I always liked Tails but, I wish he was a bit more badass now. It's been 17 years! And he started out at 8 yrs old so Tails should be 25 and carrying a gun now.


----------



## Torrijos-sama (Jul 30, 2009)

Ask this man: http://ronaldhennessy.com/2008/10/09/christian-weston-chandler-the-man-the-legend/


----------



## Wolf-Bone (Jul 30, 2009)

I love the Sonic universe. I'd love to express this through fan art. Yet out of 100 submissions on my FA gallery, you can count the Sonic-inspired submissions on one hand. I think that should tell you something. Thanks a lot, fantards.


----------



## Runefox (Jul 30, 2009)

Sonic really kind of died for me after SA2, though some would argue that the series died prior to that. With that having been said, most Sonic fan-characters are blatant rip-offs of actual sonic characters. Most of the time, the creativity goes as far as adding a tuft of hair and/or breasts to a blue spiky hedgehog, or just doing a palette swap. Hell, most Tails rip-offs just take the Tails sprite and recolour it, calling it their own character. Sometimes they'll add another tail, or remove one, or something silly like that.
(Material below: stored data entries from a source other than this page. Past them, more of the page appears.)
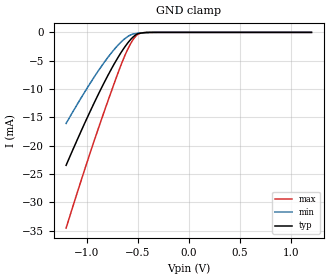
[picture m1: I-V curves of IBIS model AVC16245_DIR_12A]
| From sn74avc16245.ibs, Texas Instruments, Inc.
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[Model]   AVC16245_DIR_12A
Model_type  Input
Vinl = 0
Vinh = 1.2
| variable   typ   min   max
C_comp   1.77pF   1.45pF   1.99pF
[Temperature Range]   40   100   -40
| Ambient temperature   25   85   -40
[Voltage range]   1.2   1.2   1.2
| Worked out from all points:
|   GND clamp passes 1 mA (typ) near -0.56 V on its own axis
[GND Clamp]
| AVC16245_DIR_12A
|   Voltage   I(typ)   I(min)   I(max)
-1.2V     -23.48mA   -16.09mA   -34.58mA
-1.055V   -17.52mA   -11.63mA   -26.28mA
-920mV    -12.26mA   -7.746mA   -18.87mA
-800mV    -7.914mA   -4.632mA   -12.58mA
-700mV    -4.663mA   -2.414mA   -7.551mA
-640mV    -2.948mA   -1.337mA   -4.735mA
-590mV    -1.713mA   -656.6uA   -2.719mA
-545mV    -820.2uA   -290.5uA   -1.288mA
-505mV    -294.5uA   -174.3uA   -438.8uA
-455mV    -91.21uA   -79.33uA   -93.44uA
-385mV    -13.73uA   -21.91uA   -7.311uA
1.2V      671.7pA    3.121nA    23.8pA
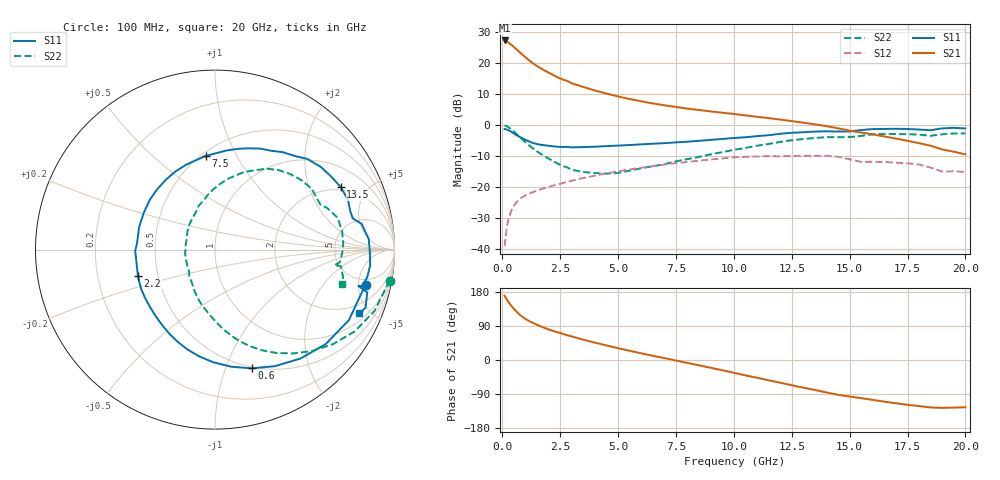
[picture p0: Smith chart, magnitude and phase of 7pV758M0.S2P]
! Infineon Technologies  Discrete & RF Semiconductors
! bfp620
! VCE = 0.75 V,  IC =  8.0 mA
! Common Emitter S-Parameters:  Sep 2002
# GHz  S  MA  R  50
!  f  S11  S21  S12  S22
! GHz  MAG  ANG  MAG  ANG  MAG  ANG  MAG  ANG
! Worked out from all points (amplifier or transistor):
!   59 points, 100 MHz to 20 GHz, reference 50 ohm
!   highest |S21| = 27.2 dB at 100 MHz (marker M1)
!   |S21| within 3 dB of that: start of sweep to 634.2 MHz
!   unconditionally stable (mu >= 1): 4.34 GHz to 10.76 GHz; 16.91 GHz to end of sweep
!   at 1 GHz: K = 0.44, MSG = 22.2 dB, |S12| = -22.7 dB
!   at 5.5 GHz: K = 1.05, MAG = 10.0 dB, |S12| = -14.3 dB
!   at 20 GHz: K = 1.53, MAG = -1.4 dB, |S12| = -15.1 dB
!   S11 on the Smith chart (normalised r, x): 100 MHz: 4.03, -6.09; 600 MHz: 0.49, -1.23; 2.2 GHz: 0.38, -0.14; 7.5 GHz: 0.53, +0.76; 13.5 GHz: 1.83, +3.30; 20 GHz: 1.38, -4.33
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0.1  0.861 -13.1  22.92 169.6  0.0112 83.1  0.9877 -10.1
0.2  0.8432 -27.8  21.96 159.3  0.0236 75.8  0.9523 -21.0
0.3  0.8108 -40.5  20.73 150.3  0.0339 69.6  0.902 -30.3
0.4  0.7709 -52.0  19.37 142.3  0.0425 64.3  0.8435 -38.6
0.5  0.7302 -62.8  17.99 135.0  0.0499 59.7  0.7828 -46.2
0.6  0.6923 -72.9  16.66 128.4  0.0562 55.8  0.7236 -53.1
0.7  0.6584 -82.2  15.42 122.5  0.0616 52.5  0.6681 -59.5
0.9  0.6014 -98.5  13.23 112.5  0.0701 47.5  0.5707 -70.3
1  0.5769 -105.5  12.29 108.4  0.0736 45.6  0.5286 -74.9
1.2  0.5353 -117.8  10.67 101.5  0.0796 42.7  0.4565 -82.8
1.4  0.5043 -128.4  9.4 95.7  0.085 40.7  0.399 -89.7
1.7  0.4775 -142.3  8.001 87.8  0.0929 38.5  0.3352 -99.6
2.2  0.4538 -161.2  6.363 76.6  0.1058 35.6  0.2618 -115.2
3  0.4357 175.2  4.682 62.4  0.1265 31.0  0.1899 -139.4
3.5  0.4409 163.6  4.097 53.5  0.1401 27.8  0.175 -154.3
5  0.4656 133.7  2.879 31.2  0.1796 16.9  0.1689 158.5
7  0.5093 102.1  2.072 5.1  0.2304 0.2  0.2333 117.3
7.5  0.5244 95.6  1.95 -1.5  0.2436 -4.6  0.2598 110.5
10.5  0.6343 60.2  1.427 -40.6  0.307 -36.4  0.4271 74.7
13.5  0.7822 26.5  1.022 -79.1  0.3184 -69.4  0.6178 38.8
17  0.869 -5.8  0.605 -114.2  0.2472 -99.9  0.7155 3.1
20  0.8798 -23.8  0.337 -124.8  0.1752 -112.5  0.7322 -15.0

But let's be honest here - At this point, fan characters are almost just as, if not more creative and original than Sonic himself has become. If you asked this question in around the release of SA1~SA2, when there was a lot of buzz and an actual "fandom", you'd probably get a different answer out of me. But for now? Hell, it's a stretch, but I'd probably enjoy seeing a sonic fan character on-screen more so than Sonic himself considering what they've been doing to him lately.


----------



## Tycho (Jul 30, 2009)

Ishnuvalok said:


> They need to be purged with fire. Sonic the hedgehog is way past it's days. It must be put down.



^this.

And the fancharacters are usually abominable anyway.  Hell, a LOT of the characters from the games are lame.


----------



## Azure (Jul 30, 2009)

Sonic fan characters are nothing but dolled up cock monsters. Use your own goddamn imagination for once.


----------



## AshleyAshes (Jul 30, 2009)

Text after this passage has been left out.